- **WORK REQUIRED**: Word for word, restate the records from their first line through the line with "msp.add_line(p, q, dxfattribs=at)", both ends included; omit each picture.

*** Opening of LISTED ENTRIES ***

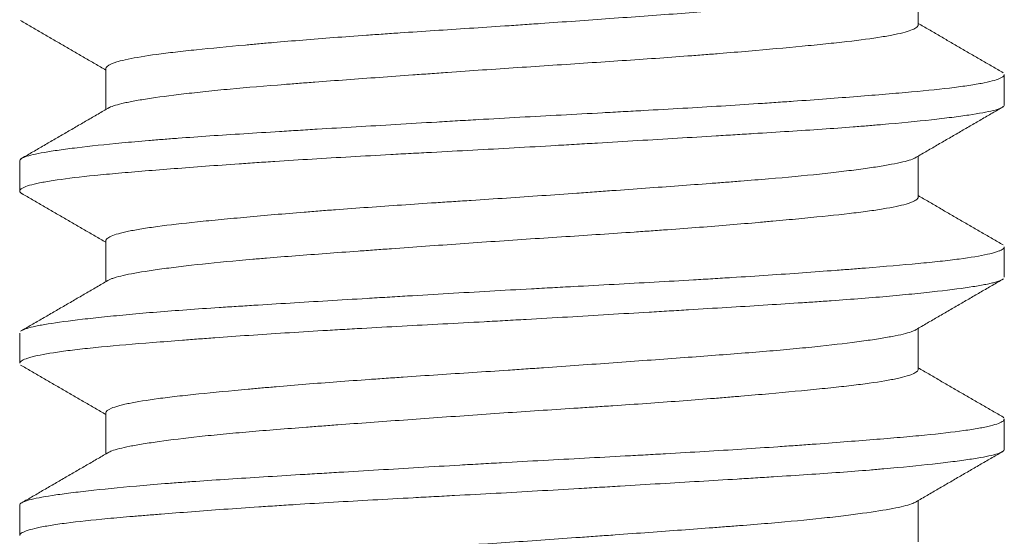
# Model space of a CAD drawing. Header units: millimetres. Extents: x 25 to 1460, y 35 to 806.
# Tile 34 of 46: x 851.77 to 855.77, y 428.68 to 430.78. Entities that reach past the tile are written whole.
import ezdxf

# ---------------------------------------------------------------- set-up
doc = ezdxf.new("R2010")
doc.units = ezdxf.units.MM
doc.layers.add('1', color=7, linetype='Continuous', true_color=0xffffff)

msp = doc.modelspace()

# ---------------------------------------------------------------- linework, layer by layer
at = {"layer": '1', "color": 155, "linetype": 'Continuous', "lineweight": 18}
for p, q in [((855.4177, 430.7559), (855.4177, 430.9228)), ((852.1177, 430.5795), (852.1177, 430.4125)), ((855.7677, 430.4316), (855.7677, 430.5541)), ((851.7677, 430.2039), (851.7677, 430.0812)), ((855.4177, 430.0558), (855.4177, 430.2228)), ((852.1177, 429.8793), (852.1177, 429.7125)), ((855.7677, 429.7315), (855.7677, 429.8536)), ((855.4177, 429.3562), (855.4177, 429.5228)), ((851.7677, 429.5039), (851.7677, 429.3817)), ((852.1177, 429.1793), (852.1177, 429.0125)), ((855.7677, 429.0313), (855.7677, 429.154)), ((851.7677, 428.8036), (851.7677, 428.6813)), ((855.4177, 428.6558), (855.4177, 428.8228))]:
    msp.add_line(p, q, dxfattribs=at)
for points, knots in [([(855.4076, 430.9169), (855.4027, 430.914), (855.3958, 430.911), (855.3825, 430.9065), (855.3773, 430.905), (855.366, 430.9018), (855.3598, 430.9003), (855.3398, 430.8955), (855.3245, 430.8924), (855.273, 430.8828), (855.2311, 430.8763), (855.1689, 430.868), (855.1559, 430.8663), (855.1292, 430.8629), (855.1155, 430.8612), (855.0731, 430.8562), (855.0433, 430.8528), (854.9492, 430.8429), (854.8804, 430.8365), (854.7865, 430.8286), (854.7673, 430.827), (854.7285, 430.8239), (854.7089, 430.8223), (854.6492, 430.8177), (854.6084, 430.8145), (854.4831, 430.8051), (854.3956, 430.7987), (854.2583, 430.7887), (854.2121, 430.7854), (854.1191, 430.7787), (854.0255, 430.772), (853.9068, 430.7636), (853.8348, 430.7586), (853.7867, 430.7553), (853.7625, 430.7536), (853.6416, 430.7455), (853.5464, 430.7394), (853.4058, 430.7301), (853.336, 430.7255), (853.2671, 430.7207), (853.2214, 430.7175), (853.1985, 430.7159), (853.0859, 430.7079), (852.9999, 430.7014), (852.8771, 430.6914), (852.8173, 430.6864), (852.7598, 430.6814), (852.722, 430.678), (852.7033, 430.6763), (852.6124, 430.668), (852.546, 430.6616), (852.4558, 430.6522), (852.413, 430.6475), (852.3738, 430.6428), (852.3485, 430.6396), (852.3363, 430.6381), (852.278, 430.6301), (852.2392, 430.6238), (852.1924, 430.6139), (852.1787, 430.6106), (852.1612, 430.6055), (852.1559, 430.6038), (852.1462, 430.6004), (852.1419, 430.5987), (852.1245, 430.5909), (852.1177, 430.5849), (852.1177, 430.579)], [0, 0, 0, 0, 0.027164, 0.027164, 0.041552, 0.041552, 0.055939, 0.055939, 0.084715, 0.084715, 0.142265, 0.142265, 0.156653, 0.156653, 0.171041, 0.171041, 0.199816, 0.199816, 0.257366, 0.257366, 0.271754, 0.271754, 0.286142, 0.286142, 0.314917, 0.314917, 0.372468, 0.372468, 0.401243, 0.401243, 0.430018, 0.458794, 0.473181, 0.473181, 0.487569, 0.487569, 0.54512, 0.54512, 0.573895, 0.588283, 0.588283, 0.60267, 0.60267, 0.660221, 0.660221, 0.688996, 0.703384, 0.703384, 0.717772, 0.717772, 0.775322, 0.775322, 0.804098, 0.818485, 0.818485, 0.832873, 0.832873, 0.890424, 0.890424, 0.919199, 0.919199, 0.933587, 0.933587, 0.947974, 0.947974, 1, 1, 1, 1]), ([(852.1276, 430.4182), (852.1379, 430.4244), (852.1564, 430.4305), (852.1897, 430.4383), (852.1968, 430.4399), (852.2122, 430.4431), (852.2204, 430.4447), (852.2465, 430.4495), (852.2657, 430.4527), (852.3287, 430.4625), (852.3778, 430.4691), (852.4481, 430.4774), (852.4626, 430.4791), (852.4925, 430.4824), (852.508, 430.4841), (852.5554, 430.4891), (852.5883, 430.4924), (852.6912, 430.502), (852.7651, 430.5081), (852.8642, 430.5159), (852.8843, 430.5175), (852.9253, 430.5206), (852.9462, 430.5222), (853.0091, 430.5269), (853.0519, 430.5301), (853.1823, 430.5397), (853.2722, 430.5462), (853.3882, 430.5546), (853.4115, 430.5563), (853.4587, 430.5596), (853.4824, 430.5613), (853.5534, 430.5664), (853.6008, 430.5698), (853.7432, 430.5797), (853.8383, 430.586), (853.9813, 430.5954), (854.0292, 430.5986), (854.1233, 430.6048), (854.1697, 430.6079), (854.3071, 430.6172), (854.3962, 430.6235), (854.5042, 430.6316), (854.5257, 430.6333), (854.5682, 430.6366), (854.589, 430.6383), (854.6508, 430.6432), (854.6906, 430.6466), (854.8065, 430.6565), (854.8789, 430.6632), (854.9629, 430.6713), (854.9794, 430.6729), (855.0116, 430.6761), (855.0272, 430.6777), (855.0727, 430.6824), (855.1013, 430.6854), (855.182, 430.6947), (855.229, 430.7009), (855.2789, 430.709), (855.2885, 430.7106), (855.3064, 430.7139), (855.3149, 430.7155), (855.3389, 430.7204), (855.3528, 430.7237), (855.3886, 430.7337), (855.4046, 430.7404), (855.4143, 430.7488), (855.4157, 430.7505), (855.4174, 430.7536), (855.4178, 430.755), (855.4177, 430.7565)], [0, 0, 0, 0, 0.057234, 0.057234, 0.071543, 0.071543, 0.085852, 0.085852, 0.114469, 0.114469, 0.171703, 0.171703, 0.186012, 0.186012, 0.200321, 0.200321, 0.228938, 0.228938, 0.286172, 0.286172, 0.300481, 0.300481, 0.314789, 0.314789, 0.343407, 0.343407, 0.400641, 0.400641, 0.41495, 0.41495, 0.429258, 0.429258, 0.457875, 0.457875, 0.51511, 0.51511, 0.543727, 0.543727, 0.572344, 0.572344, 0.629579, 0.629579, 0.643887, 0.643887, 0.658196, 0.658196, 0.686813, 0.686813, 0.744048, 0.744048, 0.758356, 0.758356, 0.772665, 0.772665, 0.801282, 0.801282, 0.858516, 0.858516, 0.872825, 0.872825, 0.887134, 0.887134, 0.915751, 0.915751, 0.972985, 0.972985, 0.987294, 0.987294, 1, 1, 1, 1]), ([(851.7677, 430.2046), (851.7679, 430.2068), (851.7692, 430.2091), (851.7736, 430.2128), (851.7761, 430.2143), (851.7821, 430.2173), (851.7857, 430.2188), (851.8067, 430.2263), (851.8327, 430.2322), (851.8854, 430.2413), (851.9053, 430.2444), (851.9386, 430.2491), (851.9503, 430.2507), (851.9747, 430.2539), (851.9875, 430.2555), (852.0535, 430.2636), (852.1143, 430.2701), (852.2172, 430.2799), (852.2535, 430.2831), (852.311, 430.288), (852.3306, 430.2896), (852.3706, 430.2928), (852.391, 430.2943), (852.4947, 430.3021), (852.5833, 430.308), (852.7249, 430.317), (852.7735, 430.32), (852.8486, 430.3246), (852.874, 430.3262), (852.925, 430.3293), (852.9508, 430.3309), (853.0803, 430.3387), (853.1868, 430.3451), (853.3508, 430.3549), (853.4061, 430.3582), (853.4903, 430.3632), (853.5186, 430.3649), (853.5749, 430.3682), (853.6031, 430.3698), (853.7437, 430.3779), (853.856, 430.3841), (854.0239, 430.3931), (854.0798, 430.3961), (854.1636, 430.4006), (854.1915, 430.4022), (854.2467, 430.4052), (854.2741, 430.4067), (854.41, 430.4142), (854.5153, 430.4203), (854.6681, 430.4298), (854.7182, 430.433), (854.792, 430.4379), (854.8164, 430.4395), (854.8642, 430.4428), (854.8877, 430.4444), (855.0034, 430.4526), (855.0897, 430.4592), (855.2101, 430.4686), (855.2487, 430.4717), (855.3042, 430.4763), (855.3223, 430.4779), (855.3573, 430.4809), (855.3743, 430.4824), (855.4567, 430.4899), (855.5144, 430.4959), (855.5886, 430.5051), (855.6113, 430.5083), (855.6422, 430.513), (855.6519, 430.5147), (855.6702, 430.5179), (855.6787, 430.5195), (855.7185, 430.5276), (855.7409, 430.5342), (855.7606, 430.5441), (855.7648, 430.5473), (855.7674, 430.5519), (855.7678, 430.5532), (855.7677, 430.5545)], [0, 0, 0, 0, 0.019181, 0.019181, 0.032651, 0.032651, 0.046121, 0.046121, 0.1, 0.1, 0.12694, 0.12694, 0.140409, 0.140409, 0.153879, 0.153879, 0.207759, 0.207759, 0.234698, 0.234698, 0.248168, 0.248168, 0.261638, 0.261638, 0.315517, 0.315517, 0.342457, 0.342457, 0.355927, 0.355927, 0.369397, 0.369397, 0.423276, 0.423276, 0.450216, 0.450216, 0.463685, 0.463685, 0.477155, 0.477155, 0.531034, 0.531034, 0.557974, 0.557974, 0.571444, 0.571444, 0.584914, 0.584914, 0.638793, 0.638793, 0.665733, 0.665733, 0.679203, 0.679203, 0.692672, 0.692672, 0.746552, 0.746552, 0.773491, 0.773491, 0.786961, 0.786961, 0.800431, 0.800431, 0.85431, 0.85431, 0.88125, 0.88125, 0.89472, 0.89472, 0.90819, 0.90819, 0.962069, 0.962069, 0.989009, 0.989009, 1, 1, 1, 1]), ([(855.7677, 430.4314), (855.7678, 430.4297), (855.7672, 430.428), (855.7647, 430.4248), (855.7629, 430.4233), (855.758, 430.4202), (855.755, 430.4187), (855.7441, 430.4142), (855.7345, 430.4112), (855.6988, 430.4022), (855.6659, 430.3962), (855.6135, 430.3885), (855.6024, 430.3869), (855.5791, 430.3838), (855.5669, 430.3822), (855.5285, 430.3773), (855.501, 430.3741), (855.4125, 430.3643), (855.3459, 430.3578), (855.253, 430.3497), (855.234, 430.3481), (855.1949, 430.3449), (855.1748, 430.3433), (855.1133, 430.3386), (855.071, 430.3355), (854.9397, 430.3265), (854.8469, 430.3206), (854.7241, 430.313), (854.6992, 430.3114), (854.6487, 430.3083), (854.6231, 430.3068), (854.5455, 430.3021), (854.4931, 430.2989), (854.334, 430.2893), (854.2255, 430.2828), (854.0868, 430.2745), (854.0589, 430.2729), (854.0028, 430.2696), (853.9745, 430.2679), (853.8895, 430.263), (853.8331, 430.2597), (853.6642, 430.2503), (853.5523, 430.2443), (853.4133, 430.2369), (853.3855, 430.2354), (853.3301, 430.2324), (853.3024, 430.2309), (853.2197, 430.2263), (853.1655, 430.2233), (853.006, 430.2141), (852.9034, 430.2079), (852.7799, 430.1998), (852.7554, 430.1982), (852.707, 430.1949), (852.683, 430.1933), (852.612, 430.1884), (852.5664, 430.1851), (852.4342, 430.1753), (852.3526, 430.1689), (852.2586, 430.1612), (852.2402, 430.1597), (852.2043, 430.1567), (852.1867, 430.1552), (852.1354, 430.1506), (852.1034, 430.1476), (852.0136, 430.1386), (851.9622, 430.1325), (851.9084, 430.1246), (851.8982, 430.123), (851.8788, 430.1198), (851.8696, 430.1182), (851.8439, 430.1133), (851.8291, 430.11), (851.792, 430.1002), (851.7766, 430.0936), (851.7691, 430.0855), (851.7682, 430.0839), (851.7675, 430.0807), (851.7678, 430.0791), (851.7699, 430.0755), (851.7722, 430.0735), (851.7755, 430.0715)], [0, 0, 0, 0, 0.014238, 0.014238, 0.027324, 0.027324, 0.04041, 0.04041, 0.066583, 0.066583, 0.118928, 0.118928, 0.132014, 0.132014, 0.145101, 0.145101, 0.171273, 0.171273, 0.223618, 0.223618, 0.236704, 0.236704, 0.249791, 0.249791, 0.275963, 0.275963, 0.328308, 0.328308, 0.341394, 0.341394, 0.354481, 0.354481, 0.380653, 0.380653, 0.432998, 0.432998, 0.446085, 0.446085, 0.459171, 0.459171, 0.485343, 0.485343, 0.537688, 0.537688, 0.550775, 0.550775, 0.563861, 0.563861, 0.590034, 0.590034, 0.642379, 0.642379, 0.655465, 0.655465, 0.668551, 0.668551, 0.694724, 0.694724, 0.747069, 0.747069, 0.760155, 0.760155, 0.773241, 0.773241, 0.799414, 0.799414, 0.851759, 0.851759, 0.864845, 0.864845, 0.877931, 0.877931, 0.904104, 0.904104, 0.956449, 0.956449, 0.969535, 0.969535, 0.982621, 0.982621, 1, 1, 1, 1]), ([(855.4083, 430.2173), (855.4035, 430.2144), (855.3968, 430.2114), (855.3704, 430.2023), (855.3443, 430.1961), (855.3013, 430.1881), (855.2922, 430.1865), (855.2732, 430.1832), (855.2632, 430.1816), (855.2318, 430.1767), (855.1865, 430.1701), (855.1209, 430.1618), (855.0775, 430.1567), (855.0477, 430.1534), (855.0323, 430.1517), (854.9532, 430.1433), (854.8845, 430.1369), (854.7735, 430.1275), (854.716, 430.1229), (854.6555, 430.1182), (854.6145, 430.115), (854.5936, 430.1134), (854.4881, 430.1055), (854.4008, 430.0991), (854.2656, 430.0892), (854.1969, 430.0843), (854.1265, 430.0792), (854.0792, 430.0758), (854.0554, 430.0741), (853.9364, 430.0656), (853.8411, 430.0589), (853.6978, 430.0493), (853.6261, 430.0446), (853.5543, 430.0399), (853.5064, 430.0367), (853.4826, 430.0352), (853.3643, 430.0274), (853.2723, 430.0212), (853.1383, 430.0116), (853.0942, 430.0084), (853.0292, 430.0035), (853.0077, 430.0018), (852.9651, 429.9985), (852.9441, 429.9968), (852.8408, 429.9885), (852.7633, 429.9818), (852.6547, 429.9718), (852.6197, 429.9686), (852.5693, 429.9637), (852.5527, 429.9621), (852.5206, 429.9589), (852.5049, 429.9573), (852.429, 429.9494), (852.3752, 429.9433), (852.3051, 429.9338), (852.2834, 429.9307), (852.2536, 429.9258), (852.2442, 429.9242), (852.2263, 429.9209), (852.2179, 429.9192), (852.1783, 429.911), (852.1548, 429.9043), (852.1316, 429.8942), (852.1259, 429.8909), (852.1205, 429.8858), (852.1193, 429.8841), (852.1181, 429.8815), (852.1178, 429.8804), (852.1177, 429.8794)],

*** Close of LISTED ENTRIES ***

- **EXERCISE SOLUTION**:
# Model space of a CAD drawing. Header units: millimetres. Extents: x 25 to 1460, y 35 to 806.
# Tile 34 of 46: x 851.77 to 855.77, y 428.68 to 430.78. Entities that reach past the tile are written whole.
import ezdxf

# ---------------------------------------------------------------- set-up
doc = ezdxf.new("R2010")
doc.units = ezdxf.units.MM
doc.layers.add('1', color=7, linetype='Continuous', true_color=0xffffff)

msp = doc.modelspace()

# ---------------------------------------------------------------- linework, layer by layer
at = {"layer": '1', "color": 155, "linetype": 'Continuous', "lineweight": 18}
for p, q in [((855.4177, 430.7559), (855.4177, 430.9228)), ((852.1177, 430.5795), (852.1177, 430.4125)), ((855.7677, 430.4316), (855.7677, 430.5541)), ((851.7677, 430.2039), (851.7677, 430.0812)), ((855.4177, 430.0558), (855.4177, 430.2228)), ((852.1177, 429.8793), (852.1177, 429.7125)), ((855.7677, 429.7315), (855.7677, 429.8536)), ((855.4177, 429.3562), (855.4177, 429.5228)), ((851.7677, 429.5039), (851.7677, 429.3817)), ((852.1177, 429.1793), (852.1177, 429.0125)), ((855.7677, 429.0313), (855.7677, 429.154)), ((851.7677, 428.8036), (851.7677, 428.6813)), ((855.4177, 428.6558), (855.4177, 428.8228))]:
    msp.add_line(p, q, dxfattribs=at)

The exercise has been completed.